The closest word to the above search is exports_partners, followed by Russia and Italy.
Next I run demo-analogy.sh in order to find the food analogies. Japan susi is used as the analogy. I tried to find the favorite foods for Germany, France, Italy, Spain and USA.
./demo-analogy.sh
tim@ip-172-31-24-35:~/word2vec-mac$ ./demo-analogy.sh
make: Nothing to be done for 'all'.
----------------------------------------------------------
Note that for the word analogy to perform well, the models
should be trained on much larger data sets
Example input: paris france berlin
----------------------------------------------------------
Starting training using file text8
Vocab size: 71290
Words in train file: 16718843
Alpha: 0.000121 Progress: 99.58% Words/thread/sec: 98.08k
real 1m30.090s
user 2m54.356s
sys 0m0.252s
Enter three words (EXIT to break):
Enter three words (EXIT to break): japan sushi germany
Word: japan Position in vocabulary: 582
Word: sushi Position in vocabulary: 30906
Word: germany Position in vocabulary: 324
Word Distance
------------------------------------------------------------------------
turnips 0.521571
cabbage 0.521392
glazed 0.516707
hams 0.512228
...
Enter three words (EXIT to break): japan sushi france
Word: japan Position in vocabulary: 582
Word: sushi Position in vocabulary: 30906
Word: france Position in vocabulary: 303
Word Distance
------------------------------------------------------------------------
omelette 0.551152
grilled 0.541595
caramel 0.537879
breads 0.536886
...
Enter three words (EXIT to break): japan sushi italy
Word: japan Position in vocabulary: 582
Word: sushi Position in vocabulary: 30906
Word: italy Position in vocabulary: 843
Word Distance
------------------------------------------------------------------------
omelette 0.542516
tofu 0.541085
cooked 0.538601
lettuce 0.538252
...
Enter three words (EXIT to break): japan sushi spain
Word: japan Position in vocabulary: 582
Word: sushi Position in vocabulary: 30906
Word: spain Position in vocabulary: 804
Word Distance
------------------------------------------------------------------------
caramel 0.539891
breads 0.527792
savoury 0.525772
paprika 0.523075
...
Enter three words (EXIT to break): japan sushi usa
Word: japan Position in vocabulary: 582
Word: sushi Position in vocabulary: 30906
Word: usa Position in vocabulary: 1164
Word Distance
------------------------------------------------------------------------
raspberry 0.532414
crepe 0.530286
shallots 0.527220
kodak 0.525473
...
According to the word analogy the favorite foods are:
The resulting foods do make sense to a certain degree and belong to the country in question. However, in most cases, one would expect different results. Such as Burgers for the USA, Sausages for Germany, Pasta for Italy or Tapas for Spain. The reason for the results is that we're limited on the small training set in the text8 file.
Install and run Genism Python Word2Vec API. Find the most probable words you will obtain when you start with an emperor add a woman and subtract a man.

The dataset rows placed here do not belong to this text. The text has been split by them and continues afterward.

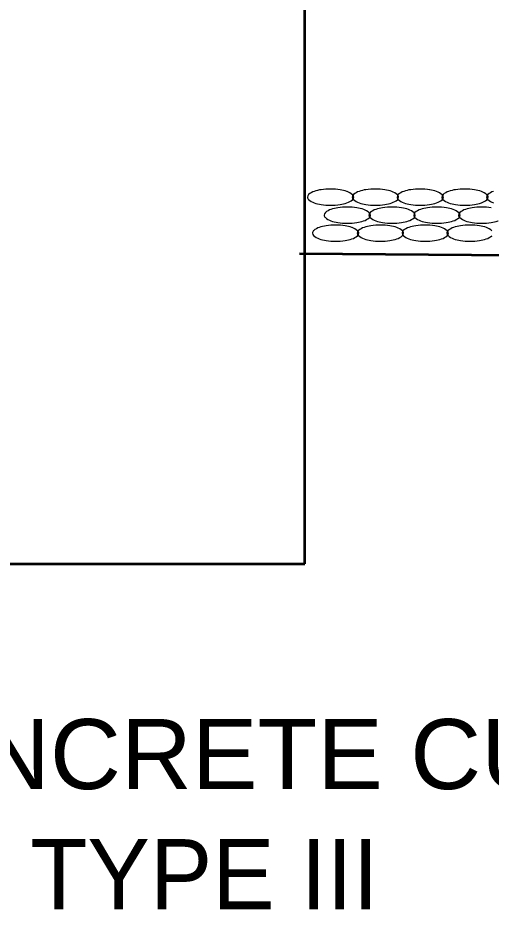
# Model space of a CAD drawing. Extents: x 36.6 to 71.9, y 0.8 to 22.8.
# Drawn here: x 56.573 to 57.63, y 6.393 to 8.381 of the extents above; entities that cross this region are included whole.
import ezdxf

# ---------------------------------------------------------------- set-up
doc = ezdxf.new("R2010")
doc.units = 0
doc.header["$LTSCALE"] = 0.062
doc.layers.add('1', color=7, linetype='Continuous', lineweight=13)
doc.layers.add('3', color=7, linetype='Continuous', lineweight=25)

msp = doc.modelspace()

# ---------------------------------------------------------------- linework, layer by layer
at = {"layer": '1', "lineweight": 53}
for p, q in [((57.21408, 7.16325), (57.21408, 9.45767)), ((58.56083, 7.845), (57.20167, 7.85417)), ((55.94492, 7.16325), (57.21408, 7.16325))]:
    msp.add_line(p, q, dxfattribs=at)
at = {"layer": '3'}
for centre, radius, start, end in [((57.24792, 7.95633), 0.03973, 109.38073, 130.27344), ((57.26142, 7.91583), 0.08246, 97.86464, 108.89243), ((57.27117, 7.85125), 0.14771, 89.93461, 98.17249), ((57.27092, 7.85183), 0.14718, 81.58628, 89.82415), ((57.28025, 7.91567), 0.08267, 70.52275, 81.55054), ((57.29467, 7.95608), 0.03973, 49.72656, 70.61927), ((57.34792, 7.95633), 0.03973, 109.38073, 130.27344), ((57.36142, 7.91583), 0.08246, 97.86464, 108.89243), ((57.37117, 7.85125), 0.14771, 89.93461, 98.17249), ((57.37092, 7.85183), 0.14718, 81.58628, 89.82415), ((57.38025, 7.91567), 0.08267, 70.52275, 81.55054), ((57.39467, 7.95608), 0.03973, 49.72656, 70.61927), ((57.44792, 7.95633), 0.03973, 109.38073, 130.27344), ((57.46142, 7.91583), 0.08246, 97.86464, 108.89243), ((57.47117, 7.85125), 0.14771, 89.93461, 98.17249), ((57.47092, 7.85183), 0.14718, 81.58628, 89.82415), ((57.48025, 7.91567), 0.08267, 70.52275, 81.55054), ((57.49467, 7.95608), 0.03973, 49.72656, 70.61927), ((57.54792, 7.95633), 0.03973, 109.38073, 130.27344), ((57.56142, 7.91583), 0.08246, 97.86464, 108.89243), ((57.57117, 7.85125), 0.14771, 89.93461, 98.17249), ((57.57092, 7.85183), 0.14718, 81.58628, 89.82415), ((57.58025, 7.91567), 0.08267, 70.52275, 81.55054), ((57.59467, 7.95608), 0.03973, 49.72656, 70.61927), ((57.64792, 7.95633), 0.03973, 109.38073, 130.27344), ((57.22692, 7.981), 0.00734, 129.54957, 179.39103), ((57.227, 7.981), 0.00739, 179.58668, 229.42813), ((57.24783, 8.00575), 0.03973, 229.72656, 250.61927), ((57.29458, 8.0055), 0.03973, 289.38073, 310.27344), ((57.32692, 7.981), 0.00734, 129.54957, 179.39103), ((57.327, 7.981), 0.00739, 179.58668, 229.42813), ((57.31558, 7.98083), 0.00734, 309.54957, 359.39103), ((57.3155, 7.98083), 0.00739, 359.58668, 49.42813), ((57.34783, 8.00575), 0.03973, 229.72656, 250.61927), ((57.39458, 8.0055), 0.03973, 289.38073, 310.27344), ((57.42692, 7.981), 0.00734, 129.54957, 179.39103), ((57.427, 7.981), 0.00739, 179.58668, 229.42813), ((57.41558, 7.98083), 0.00734, 309.54957, 359.39103), ((57.4155, 7.98083), 0.00739, 359.58668, 49.42813), ((57.44783, 8.00575), 0.03973, 229.72656, 250.61927), ((57.49458, 8.0055), 0.03973, 289.38073, 310.27344), ((57.52692, 7.981), 0.00734, 129.54957, 179.39103), ((57.527, 7.981), 0.00739, 179.58668, 229.42813), ((57.51558, 7.98083), 0.00734, 309.54957, 359.39103), ((57.5155, 7.98083), 0.00739, 359.58668, 49.42813), ((57.54783, 8.00575), 0.03973, 229.72656, 250.61927), ((57.59458, 8.0055), 0.03973, 289.38073, 310.27344), ((57.62692, 7.981), 0.00734, 129.54957, 179.39103), ((57.627, 7.981), 0.00739, 179.58668, 229.42813), ((57.61558, 7.98083), 0.00734, 309.54957, 359.39103), ((57.6155, 7.98083), 0.00739, 359.58668, 49.42813), ((57.64783, 8.00575), 0.03973, 229.72656, 250.61927), ((57.26225, 8.04617), 0.08267, 250.52275, 261.55054), ((57.27158, 8.11), 0.14718, 261.58628, 269.82415), ((57.285, 7.91592), 0.03982, 108.92941, 129.82212), ((57.27133, 8.11058), 0.14771, 269.93461, 278.17249), ((57.29917, 7.876), 0.08214, 98.2289, 109.25669), ((57.30783, 7.81108), 0.14767, 89.71011, 97.94798), ((57.28108, 8.046), 0.08246, 277.86464, 288.89243), ((57.30817, 7.811), 0.14776, 81.60312, 89.841), ((57.31758, 7.87583), 0.08224, 70.44986, 81.47765), ((57.36225, 8.04617), 0.08267, 250.52275, 261.55054), ((57.33192, 7.91583), 0.03973, 49.72656, 70.61927), ((57.37158, 8.11), 0.14718, 261.58628, 269.82415), ((57.385, 7.91592), 0.03982, 108.92941, 129.82212), ((57.37133, 8.11058), 0.14771, 269.93461, 278.17249), ((57.39917, 7.876), 0.08214, 98.2289, 109.25669), ((57.40783, 7.81108), 0.14767, 89.71011, 97.94798), ((57.38108, 8.046), 0.08246, 277.86464, 288.89243), ((57.40817, 7.811), 0.14776, 81.60312, 89.841), ((57.41758, 7.87583), 0.08224, 70.44986, 81.47765), ((57.46225, 8.04617), 0.08267, 250.52275, 261.55054), ((57.43192, 7.91583), 0.03973, 49.72656, 70.61927), ((57.47158, 8.11), 0.14718, 261.58628, 269.82415), ((57.485, 7.91592), 0.03982, 108.92941, 129.82212), ((57.47133, 8.11058), 0.14771, 269.93461, 278.17249), ((57.49917, 7.876), 0.08214, 98.2289, 109.25669), ((57.50783, 7.81108), 0.14767, 89.71011, 97.94798), ((57.48108, 8.046), 0.08246, 277.86464, 288.89243), ((57.50817, 7.811), 0.14776, 81.60312, 89.841), ((57.51758, 7.87583), 0.08224, 70.44986, 81.47765), ((57.56225, 8.04617), 0.08267, 250.52275, 261.55054), ((57.53192, 7.91583), 0.03973, 49.72656, 70.61927), ((57.57158, 8.11), 0.14718, 261.58628, 269.82415), ((57.585, 7.91592), 0.03982, 108.92941, 129.82212), ((57.57133, 8.11058), 0.14771, 269.93461, 278.17249), ((57.59917, 7.876), 0.08214, 98.2289, 109.25669), ((57.60783, 7.81108), 0.14767, 89.71011, 97.94798), ((57.58108, 8.046), 0.08246, 277.86464, 288.89243), ((57.60817, 7.811), 0.14776, 81.60312, 89.841), ((57.26433, 7.94083), 0.00739, 179.58668, 229.42813), ((57.26425, 7.94092), 0.0073, 130.24992, 180.09138), ((57.28517, 7.96558), 0.03973, 229.72656, 250.61927), ((57.33208, 7.9655), 0.03982, 288.92941, 309.82212), ((57.36433, 7.94083), 0.00739, 179.58668, 229.42813), ((57.36425, 7.94092), 0.0073, 130.24992, 180.09138), ((57.35283, 7.94058), 0.0073, 359.90862, 49.75007), ((57.35275, 7.9405), 0.00739, 310.57186, 0.41332), ((57.38517, 7.96558), 0.03973, 229.72656, 250.61927), ((57.43208, 7.9655), 0.03982, 288.92941, 309.82212), ((57.46433, 7.94083), 0.00739, 179.58668, 229.42813), ((57.46425, 7.94092), 0.0073, 130.24992, 180.09138), ((57.45283, 7.94058), 0.0073, 359.90862, 49.75007), ((57.45275, 7.9405), 0.00739, 310.57186, 0.41332), ((57.48517, 7.96558), 0.03973, 229.72656, 250.61927), ((57.53208, 7.9655), 0.03982, 288.92941, 309.82212), ((57.56433, 7.94083), 0.00739, 179.58668, 229.42813), ((57.56425, 7.94092), 0.0073, 130.24992, 180.09138), ((57.55283, 7.94058), 0.0073, 359.90862, 49.75007), ((57.55275, 7.9405), 0.00739, 310.57186, 0.41332), ((57.58517, 7.96558), 0.03973, 229.72656, 250.61927), ((57.25892, 7.876), 0.03962, 109.09243, 129.98513), ((57.27258, 7.83542), 0.08246, 97.86464, 108.89243), ((57.28233, 7.77083), 0.14771, 89.93461, 98.17249), ((57.2995, 8.00558), 0.08224, 250.44986, 261.47765), ((57.28208, 7.77142), 0.14718, 81.58628, 89.82415), ((57.30892, 8.07042), 0.14776, 261.60312, 269.841), ((57.29142, 7.83525), 0.08267, 70.52275, 81.55054), ((57.30917, 8.06975), 0.1471, 269.7252, 277.96307), ((57.30583, 7.87567), 0.03973, 49.72656, 70.61927), ((57.31783, 8.00583), 0.08256, 278.15741, 289.1852), ((57.35892, 7.876), 0.03962, 109.09243, 129.98513), ((57.37258, 7.83542), 0.08246, 97.86464, 108.89243), ((57.38233, 7.77083), 0.14771, 89.93461, 98.17249), ((57.3995, 8.00558), 0.08224, 250.44986, 261.47765), ((57.38208, 7.77142), 0.14718, 81.58628, 89.82415), ((57.40892, 8.07042), 0.14776, 261.60312, 269.841), ((57.39142, 7.83525), 0.08267, 70.52275, 81.55054), ((57.40917, 8.06975), 0.1471, 269.7252, 277.96307), ((57.40583, 7.87567), 0.03973, 49.72656, 70.61927), ((57.41783, 8.00583), 0.08256, 278.15741, 289.1852), ((57.45892, 7.876), 0.03962, 109.09243, 129.98513), ((57.47258, 7.83542), 0.08246, 97.86464, 108.89243), ((57.48233, 7.77083), 0.14771, 89.93461, 98.17249), ((57.4995, 8.00558), 0.08224, 250.44986, 261.47765), ((57.48208, 7.77142), 0.14718, 81.58628, 89.82415), ((57.50892, 8.07042), 0.14776, 261.60312, 269.841), ((57.49142, 7.83525), 0.08267, 70.52275, 81.55054), ((57.50917, 8.06975), 0.1471, 269.7252, 277.96307), ((57.50583, 7.87567), 0.03973, 49.72656, 70.61927), ((57.51783, 8.00583), 0.08256, 278.15741, 289.1852), ((57.55892, 7.876), 0.03962, 109.09243, 129.98513), ((57.57258, 7.83542), 0.08246, 97.86464, 108.89243), ((57.58233, 7.77083), 0.14771, 89.93461, 98.17249), ((57.5995, 8.00558), 0.08224, 250.44986, 261.47765), ((57.58208, 7.77142), 0.14718, 81.58628, 89.82415), ((57.60892, 8.07042), 0.14776, 261.60312, 269.841), ((57.59142, 7.83525), 0.08267, 70.52275, 81.55054), ((57.60917, 8.06975), 0.1471, 269.7252, 277.96307), ((57.60583, 7.87567), 0.03973, 49.72656, 70.61927), ((57.61783, 8.00583), 0.08256, 278.15741, 289.1852), ((57.23817, 7.90067), 0.00743, 129.87815, 179.7196), ((57.23808, 7.90067), 0.0073, 179.90862, 229.75007), ((57.25925, 7.92533), 0.03985, 229.43991, 250.33262), ((57.30592, 7.92508), 0.03962, 289.09243, 309.98513), ((57.33817, 7.90067), 0.00743, 129.87815, 179.7196), ((57.33808, 7.90067), 0.0073, 179.90862, 229.75007), ((57.32675, 7.90042), 0.00734, 309.54957, 359.39103), ((57.32667, 7.90042), 0.00739, 359.58668, 49.42813), ((57.35925, 7.92533), 0.03985, 229.43991, 250.33262), ((57.40592, 7.92508), 0.03962, 289.09243, 309.98513), ((57.43817, 7.90067), 0.00743, 129.87815, 179.7196), ((57.43808, 7.90067), 0.0073, 179.90862, 229.75007), ((57.42675, 7.90042), 0.00734, 309.54957, 359.39103), ((57.42667, 7.90042), 0.00739, 359.58668, 49.42813), ((57.45925, 7.92533), 0.03985, 229.43991, 250.33262), ((57.50592, 7.92508), 0.03962, 289.09243, 309.98513), ((57.53817, 7.90067), 0.00743, 129.87815, 179.7196), ((57.53808, 7.90067), 0.0073, 179.90862, 229.75007), ((57.52675, 7.90042), 0.00734, 309.54957, 359.39103), ((57.52667, 7.90042), 0.00739, 359.58668, 49.42813), ((57.55925, 7.92533), 0.03985, 229.43991, 250.33262), ((57.60592, 7.92508), 0.03962, 289.09243, 309.98513), ((57.273, 7.96583), 0.08256, 250.81479, 261.84259), ((57.28275, 8.02967), 0.14718, 261.58628, 269.82415), ((57.28308, 8.03017), 0.14767, 269.71011, 277.94798), ((57.29175, 7.96567), 0.08256, 278.15741, 289.1852), ((57.373, 7.96583), 0.08256, 250.81479, 261.84259), ((57.38275, 8.02967), 0.14718, 261.58628, 269.82415), ((57.38308, 8.03017), 0.14767, 269.71011, 277.94798), ((57.39175, 7.96567), 0.08256, 278.15741, 289.1852), ((57.473, 7.96583), 0.08256, 250.81479, 261.84259), ((57.48275, 8.02967), 0.14718, 261.58628, 269.82415), ((57.48308, 8.03017), 0.14767, 269.71011, 277.94798), ((57.49175, 7.96567), 0.08256, 278.15741, 289.1852), ((57.573, 7.96583), 0.08256, 250.81479, 261.84259), ((57.58275, 8.02967), 0.14718, 261.58628, 269.82415), ((57.58308, 8.03017), 0.14767, 269.71011, 277.94798), ((57.59175, 7.96567), 0.08256, 278.15741, 289.1852)]:
    msp.add_arc(centre, radius, start, end, dxfattribs=at)
at = {"layer": '3', "lineweight": 13}
for centre, radius, start, end in [((57.24792, 7.95633), 0.03973, 109.38073, 130.27344), ((57.26142, 7.91583), 0.08246, 97.86464, 108.89243), ((57.27117, 7.85125), 0.14771, 89.93461, 98.17249), ((57.27092, 7.85183), 0.14718, 81.58628, 89.82415), ((57.28025, 7.91567), 0.08267, 70.52275, 81.55054), ((57.29467, 7.95608), 0.03973, 49.72656, 70.61927), ((57.34792, 7.95633), 0.03973, 109.38073, 130.27344), ((57.36142, 7.91583), 0.08246, 97.86464, 108.89243), ((57.37117, 7.85125), 0.14771, 89.93461, 98.17249), ((57.37092, 7.85183), 0.14718, 81.58628, 89.82415), ((57.38025, 7.91567), 0.08267, 70.52275, 81.55054), ((57.39467, 7.95608), 0.03973, 49.72656, 70.61927), ((57.44792, 7.95633), 0.03973, 109.38073, 130.27344), ((57.46142, 7.91583), 0.08246, 97.86464, 108.89243), ((57.47117, 7.85125), 0.14771, 89.93461, 98.17249), ((57.47092, 7.85183), 0.14718, 81.58628, 89.82415), ((57.48025, 7.91567), 0.08267, 70.52275, 81.55054), ((57.49467, 7.95608), 0.03973, 49.72656, 70.61927), ((57.54792, 7.95633), 0.03973, 109.38073, 130.27344), ((57.56142, 7.91583), 0.08246, 97.86464, 108.89243), ((57.57117, 7.85125), 0.14771, 89.93461, 98.17249), ((57.57092, 7.85183), 0.14718, 81.58628, 89.82415), ((57.58025, 7.91567), 0.08267, 70.52275, 81.55054), ((57.59467, 7.95608), 0.03973, 49.72656, 70.61927), ((57.64792, 7.95633), 0.03973, 109.38073, 130.27344), ((57.22692, 7.981), 0.00734, 129.54957, 179.39103), ((57.227, 7.981), 0.00739, 179.58668, 229.42813), ((57.24783, 8.00575), 0.03973, 229.72656, 250.61927), ((57.29458, 8.0055), 0.03973, 289.38073, 310.27344), ((57.32692, 7.981), 0.00734, 129.54957, 179.39103), ((57.327, 7.981), 0.00739, 179.58668, 229.42813), ((57.31558, 7.98083), 0.00734, 309.54957, 359.39103), ((57.3155, 7.98083), 0.00739, 359.58668, 49.42813), ((57.34783, 8.00575), 0.03973, 229.72656, 250.61927), ((57.39458, 8.0055), 0.03973, 289.38073, 310.27344), ((57.42692, 7.981), 0.00734, 129.54957, 179.39103), ((57.427, 7.981), 0.00739, 179.58668, 229.42813), ((57.41558, 7.98083), 0.00734, 309.54957, 359.39103), ((57.4155, 7.98083), 0.00739, 359.58668, 49.42813), ((57.44783, 8.00575), 0.03973, 229.72656, 250.61927), ((57.49458, 8.0055), 0.03973, 289.38073, 310.27344), ((57.52692, 7.981), 0.00734, 129.54957, 179.39103), ((57.527, 7.981), 0.00739, 179.58668, 229.42813), ((57.51558, 7.98083), 0.00734, 309.54957, 359.39103), ((57.5155, 7.98083), 0.00739, 359.58668, 49.42813), ((57.54783, 8.00575), 0.03973, 229.72656, 250.61927), ((57.59458, 8.0055), 0.03973, 289.38073, 310.27344), ((57.62692, 7.981), 0.00734, 129.54957, 179.39103), ((57.627, 7.981), 0.00739, 179.58668, 229.42813), ((57.61558, 7.98083), 0.00734, 309.54957, 359.39103), ((57.6155, 7.98083), 0.00739, 359.58668, 49.42813), ((57.64783, 8.00575), 0.03973, 229.72656, 250.61927), ((57.26225, 8.04617), 0.08267, 250.52275, 261.55054), ((57.27158, 8.11), 0.14718, 261.58628, 269.82415), ((57.285, 7.91592), 0.03982, 108.92941, 129.82212), ((57.27133, 8.11058), 0.14771, 269.93461, 278.17249), ((57.29917, 7.876), 0.08214, 98.2289, 109.25669), ((57.30783, 7.81108), 0.14767, 89.71011, 97.94798), ((57.28108, 8.046), 0.08246, 277.86464, 288.89243), ((57.30817, 7.811), 0.14776, 81.60312, 89.841), ((57.31758, 7.87583), 0.08224, 70.44986, 81.47765), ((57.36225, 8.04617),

Use this tutorial as a guide https://rare-technologies.com/word2vec-tutorial/
Note: Somehow the installation didn't work under python 2.7. I didn't have jupyter notebook installed for python 3. That is why I executed the following steps directly in the shell.
It is possible to download the text8 corpus used (see comments, in the rare-technologies tutorial.
wget http://mattmahoney.net/dc/text8.zip
unzip text8.zip
Next I opened python3 and did the following analyis in the shell.
# import gensim
import gensim, logging
from gensim.models import word2vec
# open text8
sentences = word2vec.Text8Corpus('text8')
# build the model with vector size 2
model = word2vec.Word2Vec(sentences, size=200)
# Run query
top_5 = model.most_similar(positive=['emperor', 'woman'],
negative=['man'], topn=5)
Next we can output the words
# Print list
for word in top_5:
print(word)
>>> for word in top_5:
... print(word)
...
('empress', 0.6854598522186279)
('emperors', 0.6028348207473755)
('ruler', 0.5929163694381714)
('augustus', 0.5781252384185791)
('daughter', 0.5724169015884399)
The most likely words are empress, emperors, ruler, augustus and daughter.